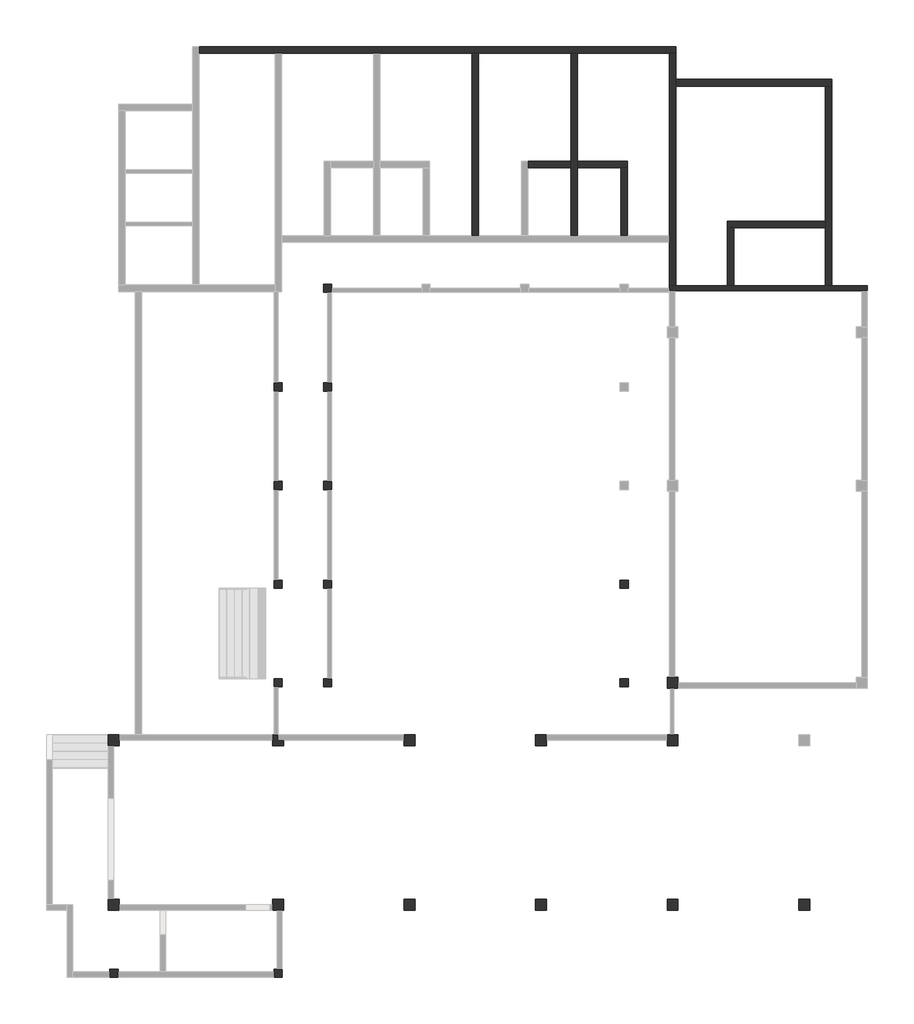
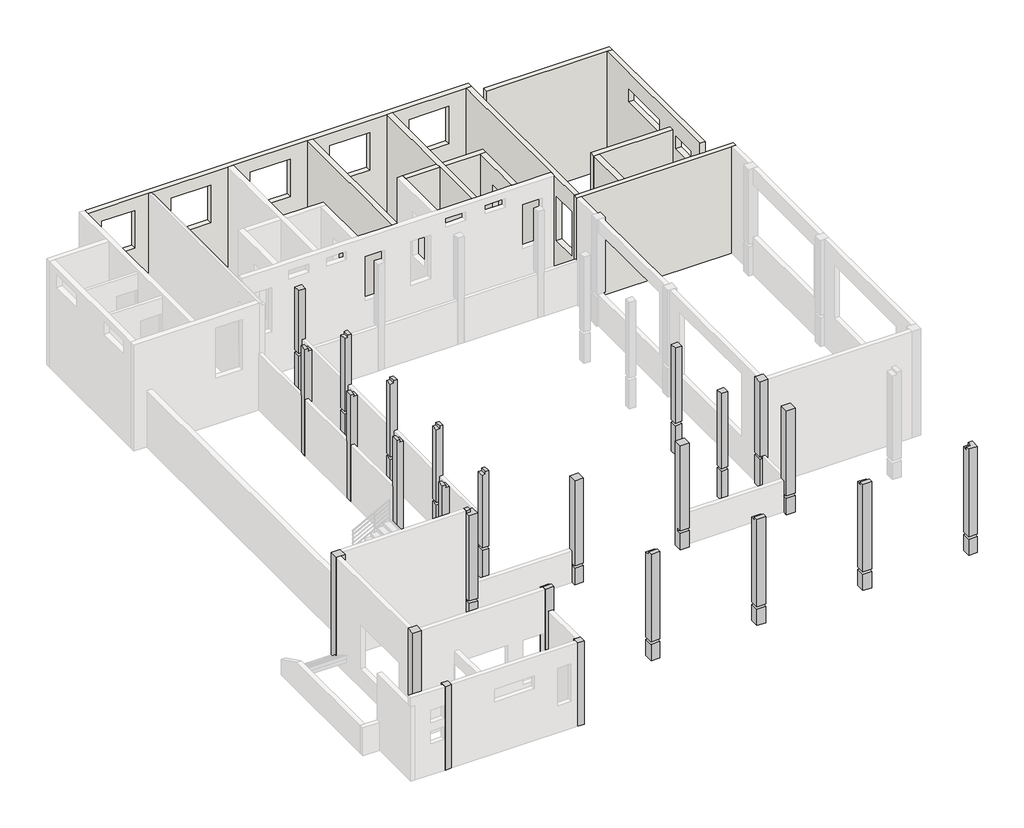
# One storey, part 2 of 3: 25 columns, 11 walls.
"""IFC4 building model written with IfcOpenShell, lengths in millimetres."""

from ifc_helpers import new_model, si_unit, frame, origin, place, context, project, spatial, polyline, outline, extrude, faceted_brep, element, save

model = new_model("IFC4")

# Units and contexts
model_context = context("Model", 3, world=origin())
ifc_project = project(units=[si_unit("LENGTHUNIT", "METRE", prefix="MILLI")], contexts=[model_context])

# Site, building, storey
site = spatial("IfcSite", under=ifc_project)
building = spatial("IfcBuilding", under=site)
storey = spatial("IfcBuildingStorey", under=building, Name="室外地坪", Elevation=-900.0)

# Columns
placement = place(None, origin())
element("IfcColumn", 1, ObjectType="混凝土 - 矩形 - 柱 : Z1-400 x 400mm", at=placement, inside=storey, context=model_context, shape_type="Brep", body=[
    faceted_brep([(11736.7377372, 2844.1658649, -900.0), (11736.7377372, 2644.1658649, -900.0), (11736.7377372, 2444.1658649, -900.0), (11576.7377372, 2444.1658649, -900.0), (11456.7377372, 2444.1658649, -900.0), (11336.7377372, 2444.1658649, -900.0), (11336.7377372, 2844.1658649, -900.0), (11416.7377372, 2844.1658649, -900.0), (11616.7377372, 2844.1658649, -900.0), (11736.7377372, 2844.1658649, 480.0), (11736.7377372, 2644.1658649, 480.0), (11736.7377372, 2644.1658649, 600.0), (11736.7377372, 2844.1658649, 600.0), (11736.7377372, 2844.1658649, 4200.0), (11736.7377372, 2644.1658649, 4200.0), (11736.7377372, 2444.1658649, 4200.0), (11336.7377372, 2444.1658649, 4200.0), (11336.7377372, 2444.1658649, 600.0), (11456.7377372, 2444.1658649, 600.0), (11456.7377372, 2444.1658649, 480.0), (11336.7377372, 2444.1658649, 480.0), (11336.7377372, 2844.1658649, 4200.0), (11336.7377372, 2844.1658649, 600.0), (11416.7377372, 2844.1658649, 4200.0), (11616.7377372, 2844.1658649, 4200.0), (11456.7377372, 2644.1658649, 480.0), (11336.7377372, 2844.1658649, 480.0), (11456.7377372, 2644.1658649, 600.0)], [[[0, 1, 2, 3, 4, 5, 6, 7, 8]], [[2, 1, 0, 9, 10, 11, 12, 13, 14, 15]], [[5, 4, 3, 2, 15, 16, 17, 18, 19, 20]], [[16, 21, 22, 17]], [[21, 23, 24, 13, 12, 22]], [[15, 14, 13, 24, 23, 21, 16]], [[19, 25, 10, 9, 26, 20]], [[11, 27, 18, 17, 22, 12]], [[25, 27, 11, 10]], [[27, 25, 19, 18]], [[6, 5, 20, 26]], [[0, 8, 7, 6, 26, 9]]]),
])
element("IfcColumn", 2, ObjectType="混凝土 - 矩形 - 柱 : Z1-400 x 400mm", at=placement, inside=storey, context=model_context, shape_type="Brep", body=[
    faceted_brep([(11736.7377372, 744.1658649, -900.0), (11736.7377372, 344.1658649, -900.0), (11336.7377372, 344.1658649, -900.0), (11336.7377372, 544.1658649, -900.0), (11336.7377372, 744.1658649, -900.0), (11456.7377372, 744.1658649, -900.0), (11576.7377372, 744.1658649, -900.0), (11736.7377372, 344.1658649, 0.0), (11736.7377372, 744.1658649, 0.0), (11736.7377372, 744.1658649, 4080.0), (11736.7377372, 344.1658649, 4080.0), (11336.7377372, 344.1658649, 0.0), (11336.7377372, 344.1658649, 4080.0), (11336.7377372, 344.1658649, -120.0), (11336.7377372, 549.1658649, -120.0), (11336.7377372, 549.1658649, 0.0), (11336.7377372, 744.1658649, 4080.0), (11336.7377372, 744.1658649, 600.0), (11576.7377372, 744.1658649, 0.0), (11576.7377372, 744.1658649, -120.0), (11736.7377372, 744.1658649, -120.0), (11576.7377372, 549.1658649, -120.0), (11736.7377372, 344.1658649, -120.0), (11576.7377372, 549.1658649, 0.0)], [[[0, 1, 2, 3, 4, 5, 6]], [[7, 8, 9, 10]], [[11, 7, 10, 12]], [[4, 3, 2, 13, 14, 15, 11, 12, 16, 17]], [[0, 6, 5, 4, 17, 16, 9, 8, 18, 19, 20]], [[19, 21, 14, 13, 22, 20]], [[23, 18, 8, 7, 11, 15]], [[21, 19, 18, 23]], [[1, 0, 20, 22]], [[2, 1, 22, 13]], [[21, 23, 15, 14]], [[10, 9, 16, 12]]]),
])
element("IfcColumn", 3, ObjectType="混凝土 - 矩形 - 柱 : Z1-400 x 400mm", at=placement, inside=storey, context=model_context, shape_type="Brep", body=[
    faceted_brep([(6936.7377372, 744.1658649, -900.0), (6936.7377372, 544.1658649, -900.0), (6936.7377372, 344.1658649, -900.0), (6536.7377372, 344.1658649, -900.0), (6536.7377372, 744.1658649, -900.0), (6936.7377372, 744.1658649, 600.0), (6936.7377372, 744.1658649, 4080.0), (6936.7377372, 344.1658649, 4080.0), (6936.7377372, 344.1658649, 0.0), (6936.7377372, 549.1658649, 0.0), (6936.7377372, 549.1658649, -120.0), (6936.7377372, 344.1658649, -120.0), (6536.7377372, 344.1658649, 0.0), (6536.7377372, 344.1658649, 4080.0), (6536.7377372, 344.1658649, -120.0), (6536.7377372, 549.1658649, -120.0), (6536.7377372, 549.1658649, 0.0), (6536.7377372, 744.1658649, 4080.0), (6536.7377372, 744.1658649, 0.0), (6536.7377372, 744.1658649, -120.0)], [[[0, 1, 2, 3, 4]], [[2, 1, 0, 5, 6, 7, 8, 9, 10, 11]], [[12, 8, 7, 13]], [[4, 3, 14, 15, 16, 12, 13, 17, 18, 19]], [[0, 4, 19, 18, 17, 6, 5]], [[11, 10, 15, 14]], [[9, 8, 12, 16]], [[3, 2, 11, 14]], [[15, 10, 9, 16]], [[7, 6, 17, 13]]]),
])
element("IfcColumn", 4, ObjectType="混凝土 - 矩形 - 柱 : Z1-400 x 400mm", at=placement, inside=storey, context=model_context, shape_type="Brep", body=[
    faceted_brep([(2136.7377372, 744.1658649, -900.0), (2136.7377372, 344.1658649, -900.0), (1736.7377372, 344.1658649, -900.0), (1736.7377372, 544.1658649, -900.0), (1736.7377372, 744.1658649, -900.0), (2136.7377372, 744.1658649, -120.0), (2136.7377372, 744.1658649, 0.0), (2136.7377372, 744.1658649, 4080.0), (2136.7377372, 344.1658649, 4080.0), (2136.7377372, 344.1658649, 0.0), (2136.7377372, 549.1658649, 0.0), (2136.7377372, 549.1658649, -120.0), (2136.7377372, 344.1658649, -120.0), (1736.7377372, 344.1658649, 0.0), (1736.7377372, 344.1658649, 4080.0), (1736.7377372, 344.1658649, -120.0), (1736.7377372, 549.1658649, -120.0), (1736.7377372, 549.1658649, 0.0), (1736.7377372, 744.1658649, 4080.0), (1736.7377372, 744.1658649, 600.0)], [[[0, 1, 2, 3, 4]], [[1, 0, 5, 6, 7, 8, 9, 10, 11, 12]], [[13, 9, 8, 14]], [[4, 3, 2, 15, 16, 17, 13, 14, 18, 19]], [[0, 4, 19, 18, 7, 6, 5]], [[11, 16, 15, 12]], [[17, 10, 9, 13]], [[16, 11, 10, 17]], [[2, 1, 12, 15]], [[8, 7, 18, 14]]]),
])
element("IfcColumn", 5, ObjectType="混凝土 - 矩形 - 柱 : Z1-400 x 400mm", at=placement, inside=storey, context=model_context, shape_type="Brep", body=[
    faceted_brep([(-2663.2622628, 744.1658649, -900.0), (-2663.2622628, 344.1658649, -900.0), (-3063.2622628, 344.1658649, -900.0), (-3063.2622628, 544.1658649, -900.0), (-3063.2622628, 744.1658649, -900.0), (-3013.2622628, 744.1658649, -900.0), (-2863.2622628, 744.1658649, -900.0), (-2663.2622628, 744.1658649, 4080.0), (-2663.2622628, 344.1658649, 4080.0), (-2663.2622628, 344.1658649, 0.0), (-2663.2622628, 549.1658649, 0.0), (-2663.2622628, 549.1658649, -120.0), (-2663.2622628, 344.1658649, -120.0), (-3063.2622628, 344.1658649, 0.0), (-3063.2622628, 344.1658649, 4080.0), (-3063.2622628, 344.1658649, -120.0), (-3063.2622628, 549.1658649, -120.0), (-3063.2622628, 549.1658649, 0.0), (-3063.2622628, 549.1658649, 4080.0), (-3063.2622628, 549.1658649, 4200.0), (-3063.2622628, 744.1658649, 4200.0), (-2868.2622628, 744.1658649, 4200.0), (-2868.2622628, 744.1658649, 4080.0), (-2868.2622628, 549.1658649, 4200.0), (-2868.2622628, 549.1658649, 4080.0)], [[[0, 1, 2, 3, 4, 5, 6]], [[1, 0, 7, 8, 9, 10, 11, 12]], [[13, 9, 8, 14]], [[4, 3, 2, 15, 16, 17, 13, 14, 18, 19, 20]], [[0, 6, 5, 4, 20, 21, 22, 7]], [[21, 20, 19, 23]], [[11, 16, 15, 12]], [[17, 10, 9, 13]], [[16, 11, 10, 17]], [[2, 1, 12, 15]], [[22, 24, 18, 14, 8, 7]], [[24, 23, 19, 18]], [[23, 24, 22, 21]]]),
])
element("IfcColumn", 6, ObjectType="混凝土 - 矩形 - 柱 : Z1-400 x 400mm", at=placement, inside=storey, context=model_context, shape_type="Brep", body=[
    faceted_brep([(-8663.2622628, 744.1658649, -900.0), (-8663.2622628, 544.1658649, -900.0), (-8663.2622628, 344.1658649, -900.0), (-8863.2622628, 344.1658649, -900.0), (-9063.2622628, 344.1658649, -900.0), (-9063.2622628, 744.1658649, -900.0), (-8663.2622628, 744.1658649, 4200.0), (-8663.2622628, 544.1658649, 4200.0), (-8663.2622628, 344.1658649, 4200.0), (-8663.2622628, 344.1658649, 0.0), (-8663.2622628, 549.1658649, 0.0), (-8663.2622628, 549.1658649, -120.0), (-8663.2622628, 344.1658649, -120.0), (-8863.2622628, 344.1658649, -120.0), (-8863.2622628, 344.1658649, 0.0), (-8863.2622628, 344.1658649, 4200.0), (-9063.2622628, 344.1658649, 4200.0), (-9063.2622628, 744.1658649, 4200.0), (-8863.2622628, 549.1658649, -120.0), (-8863.2622628, 549.1658649, 0.0)], [[[0, 1, 2, 3, 4, 5]], [[2, 1, 0, 6, 7, 8, 9, 10, 11, 12]], [[4, 3, 2, 12, 13, 14, 9, 8, 15, 16]], [[5, 4, 16, 17]], [[0, 5, 17, 6]], [[8, 7, 6, 17, 16, 15]], [[11, 18, 13, 12]], [[14, 19, 10, 9]], [[18, 19, 14, 13]], [[19, 18, 11, 10]]]),
])
element("IfcColumn", 7, ObjectType="混凝土 - 矩形 - 柱 : Z1-400 x 400mm", at=placement, inside=storey, context=model_context, shape_type="Brep", body=[
    faceted_brep([(-8663.2622628, -5255.8341351, -900.0), (-8663.2622628, -5455.8341351, -900.0), (-8663.2622628, -5655.8341351, -900.0), (-9063.2622628, -5655.8341351, -900.0), (-9063.2622628, -5255.8341351, -900.0), (-8863.2622628, -5255.8341351, -900.0), (-8663.2622628, -5655.8341351, -120.0), (-8663.2622628, -5255.8341351, -120.0), (-9063.2622628, -5255.8341351, -120.0), (-9063.2622628, -5655.8341351, -120.0)], [[[0, 1, 2, 3, 4, 5]], [[6, 7, 8, 9]], [[2, 1, 0, 7, 6]], [[3, 2, 6, 9]], [[4, 3, 9, 8]], [[0, 5, 4, 8, 7]]]),
    faceted_brep([(-8663.2622628, -5255.8341351, 4200.0), (-8663.2622628, -5455.8341351, 4200.0), (-8663.2622628, -5655.8341351, 4200.0), (-8663.2622628, -5655.8341351, 0.0), (-8663.2622628, -5255.8341351, 0.0), (-9063.2622628, -5655.8341351, 4200.0), (-9063.2622628, -5655.8341351, 0.0), (-9063.2622628, -5255.8341351, 4200.0), (-9063.2622628, -5255.8341351, 0.0), (-8863.2622628, -5255.8341351, 4200.0)], [[[0, 1, 2, 3, 4]], [[2, 5, 6, 3]], [[5, 7, 8, 6]], [[7, 9, 0, 4, 8]], [[2, 1, 0, 9, 7, 5]], [[4, 3, 6, 8]]]),
])
element("IfcColumn", 8, ObjectType="混凝土 - 矩形 - 柱 : Z1-400 x 400mm", at=placement, inside=storey, context=model_context, shape_type="Brep", body=[
    faceted_brep([(-2663.2622628, -5255.8341351, -900.0), (-2663.2622628, -5655.8341351, -900.0), (-2713.2622628, -5655.8341351, -900.0), (-2913.2622628, -5655.8341351, -900.0), (-3063.2622628, -5655.8341351, -900.0), (-3063.2622628, -5455.8341351, -900.0), (-3063.2622628, -5255.8341351, -900.0), (-2663.2622628, -5255.8341351, -120.0), (-2663.2622628, -5650.8341351, -120.0), (-2663.2622628, -5650.8341351, 0.0), (-2663.2622628, -5255.8341351, 0.0), (-2663.2622628, -5255.8341351, 4080.0), (-2663.2622628, -5460.8341351, 4080.0), (-2663.2622628, -5460.8341351, 4200.0), (-2663.2622628, -5655.8341351, 4200.0), (-3063.2622628, -5655.8341351, 4200.0), (-3063.2622628, -5655.8341351, 0.0), (-2908.2622628, -5655.8341351, 0.0), (-2908.2622628, -5655.8341351, -120.0), (-3063.2622628, -5655.8341351, -120.0), (-3063.2622628, -5460.8341351, 4200.0), (-3063.2622628, -5460.8341351, 4080.0), (-3063.2622628, -5255.8341351, 4080.0), (-3063.2622628, -5255.8341351, 0.0), (-2908.2622628, -5650.8341351, -120.0), (-3063.2622628, -5255.8341351, -120.0), (-2908.2622628, -5650.8341351, 0.0)], [[[0, 1, 2, 3, 4, 5, 6]], [[1, 0, 7, 8, 9, 10, 11, 12, 13, 14]], [[4, 3, 2, 1, 14, 15, 16, 17, 18, 19]], [[16, 15, 20, 21, 22, 23]], [[10, 23, 22, 11]], [[15, 14, 13, 20]], [[18, 24, 8, 7, 25, 19]], [[9, 26, 17, 16, 23, 10]], [[24, 26, 9, 8]], [[26, 24, 18, 17]], [[6, 5, 4, 19, 25]], [[0, 6, 25, 7]], [[21, 12, 11, 22]], [[12, 21, 20, 13]]]),
])
element("IfcColumn", 9, ObjectType="混凝土 - 矩形 - 柱 : Z1-400 x 400mm", at=placement, inside=storey, context=model_context, shape_type="Brep", body=[
    faceted_brep([(2136.7377372, -5255.8341351, -900.0), (2136.7377372, -5655.8341351, -900.0), (1736.7377372, -5655.8341351, -900.0), (1736.7377372, -5255.8341351, -900.0), (2136.7377372, -5655.8341351, -120.0), (2136.7377372, -5255.8341351, -120.0), (1736.7377372, -5255.8341351, -120.0), (1736.7377372, -5650.8341351, -120.0), (1736.7377372, -5655.8341351, -120.0)], [[[0, 1, 2, 3]], [[4, 5, 6, 7, 8]], [[1, 0, 5, 4]], [[2, 1, 4, 8]], [[3, 2, 8, 7, 6]], [[0, 3, 6, 5]]]),
    faceted_brep([(2136.7377372, -5655.8341351, 4200.0), (2136.7377372, -5655.8341351, 0.0), (2136.7377372, -5255.8341351, 0.0), (2136.7377372, -5255.8341351, 4080.0), (2136.7377372, -5460.8341351, 4080.0), (2136.7377372, -5460.8341351, 4200.0), (1736.7377372, -5655.8341351, 4200.0), (1736.7377372, -5655.8341351, 0.0), (1736.7377372, -5460.8341351, 4200.0), (1736.7377372, -5460.8341351, 4080.0), (1736.7377372, -5255.8341351, 4080.0), (1736.7377372, -5255.8341351, 0.0), (1736.7377372, -5650.8341351, 0.0)], [[[0, 1, 2, 3, 4, 5]], [[0, 6, 7, 1]], [[7, 6, 8, 9, 10, 11, 12]], [[2, 11, 10, 3]], [[6, 0, 5, 8]], [[2, 1, 7, 12, 11]], [[9, 4, 3, 10]], [[4, 9, 8, 5]]]),
])
element("IfcColumn", 10, ObjectType="混凝土 - 矩形 - 柱 : Z1-400 x 400mm", at=placement, inside=storey, context=model_context, shape_type="SweptSolid", body=[
    extrude(outline(polyline([(6936.7377372, -5255.8341351), (6936.7377372, -5655.8341351), (6536.7377372, -5655.8341351), (6536.7377372, -5255.8341351), (6936.7377372, -5255.8341351)])), frame((0.0, 0.0, -900.0), z_axis=(0.0, 0.0, 1.0), x_axis=(1.0, 0.0, 0.0)), (0.0, 0.0, 1.0), 780.0),
    extrude(outline(polyline([(-5655.8341351, 0.0), (-5655.8341351, 4200.0), (-5460.8341351, 4200.0), (-5460.8341351, 4080.0), (-5255.8341351, 4080.0), (-5255.8341351, 0.0), (-5655.8341351, 0.0)])), frame((6536.7377372, 0.0, 0.0), z_axis=(1.0, 0.0, 0.0), x_axis=(0.0, 1.0, 0.0)), (0.0, 0.0, 1.0), 400.0),
])
element("IfcColumn", 11, ObjectType="混凝土 - 矩形 - 柱 : Z1-400 x 400mm", at=placement, inside=storey, context=model_context, shape_type="SweptSolid", body=[
    extrude(outline(polyline([(11736.7377372, -5255.8341351), (11736.7377372, -5655.8341351), (11336.7377372, -5655.8341351), (11336.7377372, -5255.8341351), (11736.7377372, -5255.8341351)])), frame((0.0, 0.0, -900.0), z_axis=(0.0, 0.0, 1.0), x_axis=(1.0, 0.0, 0.0)), (0.0, 0.0, 1.0), 780.0),
    extrude(outline(polyline([(-5655.8341351, 0.0), (-5655.8341351, 4200.0), (-5460.8341351, 4200.0), (-5460.8341351, 4080.0), (-5255.8341351, 4080.0), (-5255.8341351, 0.0), (-5655.8341351, 0.0)])), frame((11336.7377372, 0.0, 0.0), z_axis=(1.0, 0.0, 0.0), x_axis=(0.0, 1.0, 0.0)), (0.0, 0.0, 1.0), 400.0),
])
element("IfcColumn", 12, ObjectType="混凝土 - 矩形 - 柱 : Z1-400 x 400mm", at=placement, inside=storey, context=model_context, shape_type="Brep", body=[
    faceted_brep([(16536.7377372, -5255.8341351, -900.0), (16536.7377372, -5655.8341351, -900.0), (16136.7377372, -5655.8341351, -900.0), (16136.7377372, -5255.8341351, -900.0), (16536.7377372, -5655.8341351, -120.0), (16536.7377372, -5255.8341351, -120.0), (16136.7377372, -5255.8341351, -120.0), (16136.7377372, -5655.8341351, -120.0)], [[[0, 1, 2, 3]], [[4, 5, 6, 7]], [[1, 0, 5, 4]], [[2, 1, 4, 7]], [[3, 2, 7, 6]], [[0, 3, 6, 5]]]),
    faceted_brep([(16536.7377372, -5255.8341351, 4200.0), (16536.7377372, -5655.8341351, 4200.0), (16536.7377372, -5655.8341351, 0.0), (16536.7377372, -5255.8341351, 0.0), (16136.7377372, -5655.8341351, 4200.0), (16136.7377372, -5655.8341351, 0.0), (16136.7377372, -5460.8341351, 4200.0), (16136.7377372, -5460.8341351, 4080.0), (16136.7377372, -5255.8341351, 4080.0), (16136.7377372, -5255.8341351, 0.0), (16341.7377372, -5255.8341351, 4080.0), (16341.7377372, -5255.8341351, 4200.0), (16341.7377372, -5460.8341351, 4200.0), (16341.7377372, -5460.8341351, 4080.0)], [[[0, 1, 2, 3]], [[1, 4, 5, 2]], [[5, 4, 6, 7, 8, 9]], [[0, 3, 9, 8, 10, 11]], [[1, 0, 11, 12, 6, 4]], [[3, 2, 5, 9]], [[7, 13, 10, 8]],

++++++++

INSTRUCTIONS TO FOLLOW: Above are the records; report each line in them that includes the word "extrude".

SOLUTION TO THIS PROBLEM:
from ifc_helpers import new_model, si_unit, frame, origin, place, context, project, spatial, polyline, outline, extrude, faceted_brep, element, save
    extrude(outline(polyline([(6936.7377372, -5255.8341351), (6936.7377372, -5655.8341351), (6536.7377372, -5655.8341351), (6536.7377372, -5255.8341351), (6936.7377372, -5255.8341351)])), frame((0.0, 0.0, -900.0), z_axis=(0.0, 0.0, 1.0), x_axis=(1.0, 0.0, 0.0)), (0.0, 0.0, 1.0), 780.0),
    extrude(outline(polyline([(-5655.8341351, 0.0), (-5655.8341351, 4200.0), (-5460.8341351, 4200.0), (-5460.8341351, 4080.0), (-5255.8341351, 4080.0), (-5255.8341351, 0.0), (-5655.8341351, 0.0)])), frame((6536.7377372, 0.0, 0.0), z_axis=(1.0, 0.0, 0.0), x_axis=(0.0, 1.0, 0.0)), (0.0, 0.0, 1.0), 400.0),
    extrude(outline(polyline([(11736.7377372, -5255.8341351), (11736.7377372, -5655.8341351), (11336.7377372, -5655.8341351), (11336.7377372, -5255.8341351), (11736.7377372, -5255.8341351)])), frame((0.0, 0.0, -900.0), z_axis=(0.0, 0.0, 1.0), x_axis=(1.0, 0.0, 0.0)), (0.0, 0.0, 1.0), 780.0),
    extrude(outline(polyline([(-5655.8341351, 0.0), (-5655.8341351, 4200.0), (-5460.8341351, 4200.0), (-5460.8341351, 4080.0), (-5255.8341351, 4080.0), (-5255.8341351, 0.0), (-5655.8341351, 0.0)])), frame((11336.7377372, 0.0, 0.0), z_axis=(1.0, 0.0, 0.0), x_axis=(0.0, 1.0, 0.0)), (0.0, 0.0, 1.0), 400.0),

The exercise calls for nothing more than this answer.